Numerical simulations

Short-term evolution

To illustrate these analytical results, I perform numerical simulations with n = 20 strains with sets of traits drawn at random and assuming a transmission-virulence trade-off. Figure 2 shows the short term evolutionary dynamics predicted by the Price equation formalism (dashed lines) and those obtained via simulations (plain lines). For simplicity, I assume that drug-resistance infections do not incur a fitness cost.

Figure 2. Short term evolutionary dynamics.

A) Dynamics of the densities of susceptible hosts (dashed black line), of drug-susceptible infections (plain coloured lines) and drug-resistant infections (dotted coloured line). Each colour corresponds to one of the n = 20 strains. B) Same as A but the blue line shows the total density of drug-susceptible infections and the red line the total density of drug-resistant infections. The dashed lines are the predictions from the Price equation system. C) Average virulence in the drug-sensitive (blue) and drug-resistant infections (red) for numerical multi-strain simulations (plain line) and the Price equation system (dashed line). D) Same as panel C for transmission rate. E) Same as panel C for treatment rate. F) Fraction of the infections that are drug-resistant in the multi-strain simulation (plain line) or using the Price equation (dashed line). We assume no fitness cost (a = b = 1) and a transmission-virulence trade-off ($\beta (\alpha )={10}^{-4}\sqrt{\alpha }$). Other parameter values are λ = 0.02, μ = 4.5 × 10⁻⁵, ν = 0, a = b = 1, ρ = 0.1, Cov(α, γ) = 0.1, Var(γ) = 1/12, Var(α) = 1/6, $\overline{\alpha }(0)=1/2$, $\overline{\gamma }(0)=1/4$, S(0) = 10⁴, I_i = 5, and $I_i^R=0$. The default time unit is the week (but it can be rescaled without affecting the results qualitatively).

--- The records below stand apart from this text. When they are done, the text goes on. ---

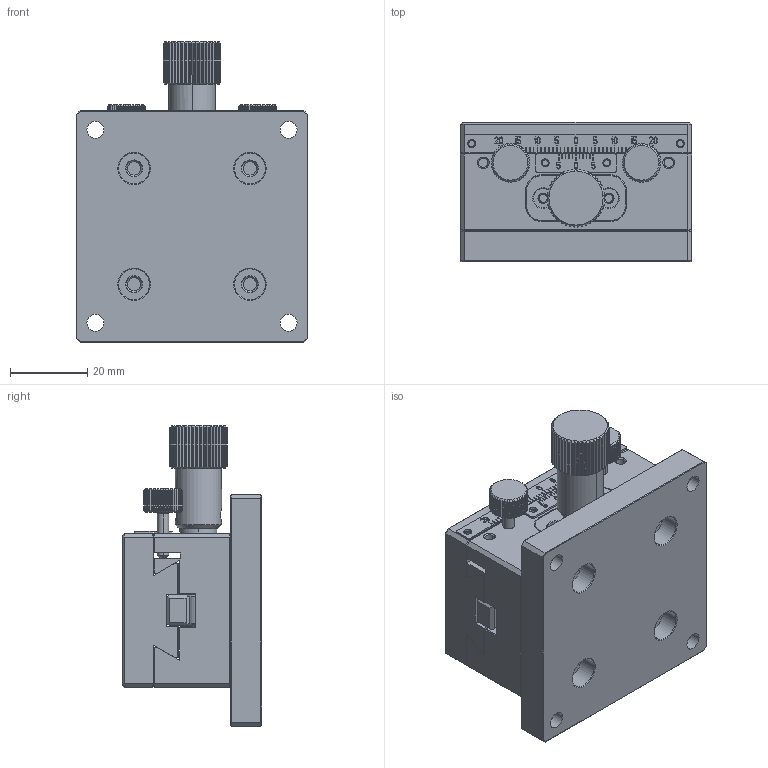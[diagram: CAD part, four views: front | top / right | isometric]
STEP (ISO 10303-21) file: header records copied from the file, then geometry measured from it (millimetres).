
FILE_DESCRIPTION((''),'2;1');
FILE_NAME('ASSY-40-60-ST40-MSM_ASM','2021-11-11T18:46:30',('windows10'),(''),'CREO PARAMETRIC BY PTC INC, 2018260','CREO PARAMETRIC BY PTC INC, 2018260','');
FILE_SCHEMA(('CONFIG_CONTROL_DESIGN'));
Length unit declared in the file: millimetre
Products named in the file (14): BOTTOM-40-60-F-MSM; HOLDER-PINION-4D5; PINION-4-29; WHASHER-9D6-4D1-1D2; HANDLE-15-26D6; ASSY-HANDLE-15-47D8_ASM; TOP-40-60-M-MSM; RACK-8-6-60; ASSY-TOP-40-60-M-MSM_ASM; RULER-PLATE-60-TOP; RULER-PLATE-21-BOTTOM; STOPPER-10-M3-18; BASE-60; ASSY-40-60-ST40-MSM_ASM
Assembly tree (14 placements, depth 3):
  ASSY-40-60-ST40-MSM_ASM
    BOTTOM-40-60-F-MSM
    ASSY-HANDLE-15-47D8_ASM
      HOLDER-PINION-4D5
      PINION-4-29
      WHASHER-9D6-4D1-1D2
      HANDLE-15-26D6
    ASSY-TOP-40-60-M-MSM_ASM
      TOP-40-60-M-MSM
      RACK-8-6-60
    RULER-PLATE-60-TOP
    RULER-PLATE-21-BOTTOM
    STOPPER-10-M3-18  x2
    BASE-60
Bounding box: 60 x 36 x 77.8 mm (x, y, z)
Volume: 93982.5 mm3; surface area: 38942.2 mm2
Topology: 12 solids, 12 shells, 1757 faces, 4820 edges, 3141 vertices
Faces by surface type: plane 1306, cylinder 307, cone 136, bspline 4, sphere 4
Entity records: 51877 total; most frequent: CARTESIAN_POINT 10976, ORIENTED_EDGE 8766, DIRECTION 7925, EDGE_CURVE 4383, VECTOR 3353, LINE 3353, VERTEX_POINT 2858, AXIS2_PLACEMENT_3D 2286

Figure 2A illustrates the diversity of the epidemiological dynamics among all of the 20 strains. We see that not all the strains spread during the epidemics. We also see that initially, all the infections are drug-sensitive (dotted lines start from 0). Figure 2B shows the total densities of each type of infection (drug-sensitive or drug-resistant) and the predictions from the Price equation formalism (dashed lines). These predictions are correct at first but they rapidly overestimate the spread of drug-sensitive infections (in blue) and underestimate the spread of drug-resistant infections (in red).

Focusing on average infection trait values, Figure 2C shows that, as predicted, virulence decreases faster in the drug-sensitive infections than in the drug-resistant infections. However, it also shows the limits of the Price equation because parasites eventually evolve to complete avirulence. Note that in the Price equation approach, I assumed different initial trait values for the drug-sensitive and drug-resistant compartments. Indeed, drug-resistance is initially absent in the simulations (the plain red line starts with a lag) and average infection virulence is much higher in this compartment. This is because resistant infections first emerge from treatment failure and not all strains have the same exposition to treatments. Therefore, instead of using the average virulence of all the strains in the population as our initial value, we weight these virulences by the recovery rates. This approximation is consistent with the simulated dynamics (Figure 2C).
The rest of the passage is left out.